Por James Petras
Una de las principales consecuencias de la presidencia de Donald Trump son las revelaciones que muestran las complejas fuerzas y relaciones que compiten en el mantenimiento y la expansión del poder global de Estados Unidos (el “imperio”).
Cuando se habla habitualmente del “imperio” no se es consciente de las interrelaciones y los conflictos existentes entre las instituciones encargadas de proyectar los distintos aspectos del poder político de EE.UU.
En este artículo analizaré las actuales divisiones de poder, los intereses y la dirección de las configuraciones de influencias en litigio.

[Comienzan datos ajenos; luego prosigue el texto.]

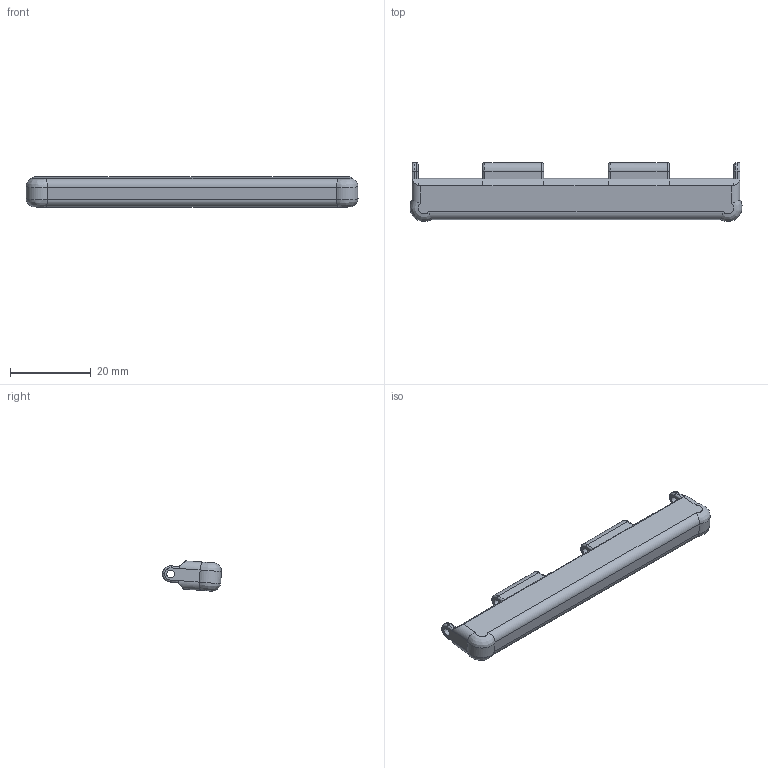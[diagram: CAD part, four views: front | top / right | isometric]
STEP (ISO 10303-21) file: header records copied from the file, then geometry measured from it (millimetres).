
FILE_DESCRIPTION(/* description */ (''),/* implementation_level */ '2;1');
FILE_NAME(/* name */ 'LeftMagneticBack.step',/* time_stamp */ '2026-09-30T10:56:25+13:00',/* author */ (''),/* organization */ (''),/* preprocessor_version */ 'ST-DEVELOPER v20.2',/* originating_system */ 'Autodesk Translation Framework v15.15.0.0',/* authorisation */ '');
FILE_SCHEMA (('AUTOMOTIVE_DESIGN { 1 0 10303 214 3 1 1 }'));
Length unit declared in the file: millimetre
Products named in the file (3): 2026-08-23-14-38-27-662; 2026-09-05-13-34-59-849; 2026-09-08-12-17-05-654
Assembly tree (2 placements, depth 3):
  2026-08-23-14-38-27-662
    2026-09-05-13-34-59-849
      2026-09-08-12-17-05-654
Bounding box: 81.99 x 14.57 x 7.48 mm (x, y, z)
Volume: 4965.8 mm3; surface area: 3844.6 mm2
Topology: 1 solids, 6 shells, 129 faces, 291 edges, 174 vertices
Faces by surface type: plane 65, cylinder 46, bspline 17, torus 1
Full cylindrical faces by diameter (mm): 1.9 x4, 6.2 x5
Entity records: 4260 total; most frequent: CARTESIAN_POINT 1362, ORIENTED_EDGE 582, DIRECTION 573, EDGE_CURVE 291, AXIS2_PLACEMENT_3D 202, VERTEX_POINT 174, LINE 169, VECTOR 169
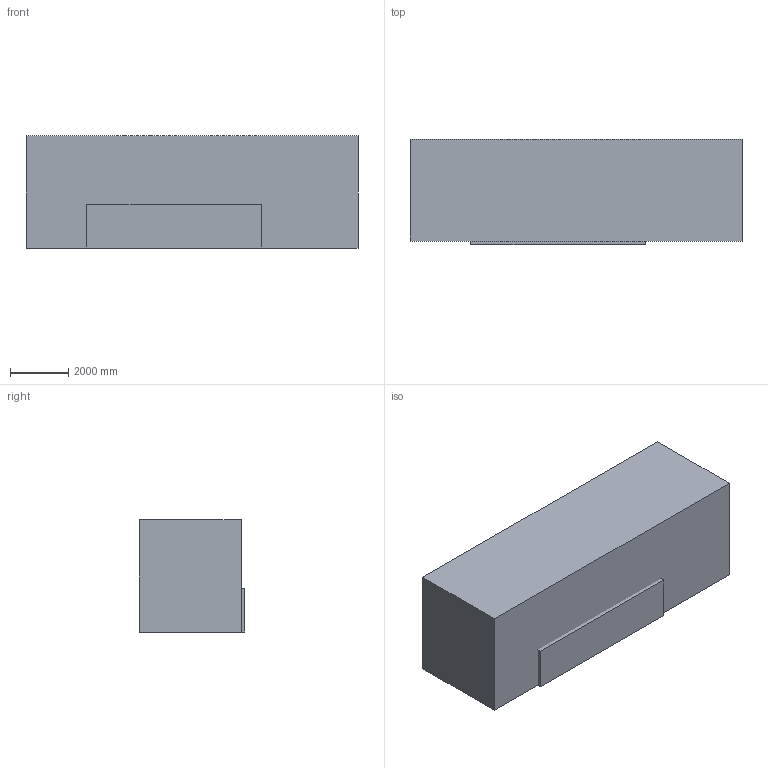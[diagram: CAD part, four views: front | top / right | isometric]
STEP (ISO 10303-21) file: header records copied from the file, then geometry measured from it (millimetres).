
FILE_DESCRIPTION( ( 'STEP Version 203' ), '1' );
FILE_NAME( ' ', '01/17/12 11:48:19', ( 'sasilves' ), ( ' ' ), 'PSStep 14.0', 'DesignModeler STEP Output', ' ' );
FILE_SCHEMA( ( 'AUTOMOTIVE_DESIGN { 1 0 10303 214 1 1 1 1 }' ) );
Length unit declared in the file: metre
Products named in the file (2): 1; 2
Bounding box: 11411.76 x 3617.81 x 3850.01 mm (x, y, z)
Surface area: 243886454.7 mm2
Topology: 2 solids, 2 shells, 89 faces, 252 edges, 165 vertices
Faces by surface type: plane 52, bspline 31, torus 2, extrusion 2, cylinder 2
Entity records: 14907 total; most frequent: CARTESIAN_POINT 12943, ORIENTED_EDGE 488, DIRECTION 252, EDGE_CURVE 244, VERTEX_POINT 163, B_SPLINE_CURVE_WITH_KNOTS 125, VECTOR 104, LINE 102

Las fuerzas contrapuestas en la construcción del imperio
“Imperio” es un concepto muy engañoso en tanto que se supone que hace referencia a un conjunto de instituciones homogéneas, coherentes y cohesionadas que persiguen intereses similares. Lo cierto es que “imperio” es un término general simplista, que engloba un área enorme disputada por instituciones, personalidades y centros de poder, algunos aliados y otros cada vez más enfrentados.
Aunque hablar de “imperio” puede dar a entender que todos persiguen el objetivo general común de dominar y explotar los países, regiones, mercados, recursos y mano de obra elegidos, las dinámicas involucradas (la elección del momento oportuno y el foco de la acción) se ven determinadas por fuerzas contrapuestas.
En la coyuntura actual, las fuerzas contrapuestas han dado un giro absoluto: una de las configuraciones intenta usurpar el poder y derrocar a la otra. Por ahora, la primera de ellas ha recurrido a mecanismos judiciales, mediáticos y a procedimientos legislativos para modificar determinadas políticas. No obstante, bajo la superficie, la meta es destituir al enemigo en el cargo e imponer un poder rival.
Quién gobierna “el imperio”
Últimamente, es la autoridad ejecutiva quien gobierna los imperios. Puede tratarse de primeros ministros, presidentes, autócratas, dictadores, generales o una combinación de estos. En su mayor parte, los jefes del imperio se dedican a “legislar” y a “ejecutar” políticas estratégicas y tácticas. Cuando se produce una crisis, la autoridad ejecutiva puede ser cuestionada por el poder legislativo o judicial que se le opone y dicho proceso puede concluir con una destitución (un golpe de Estado blando).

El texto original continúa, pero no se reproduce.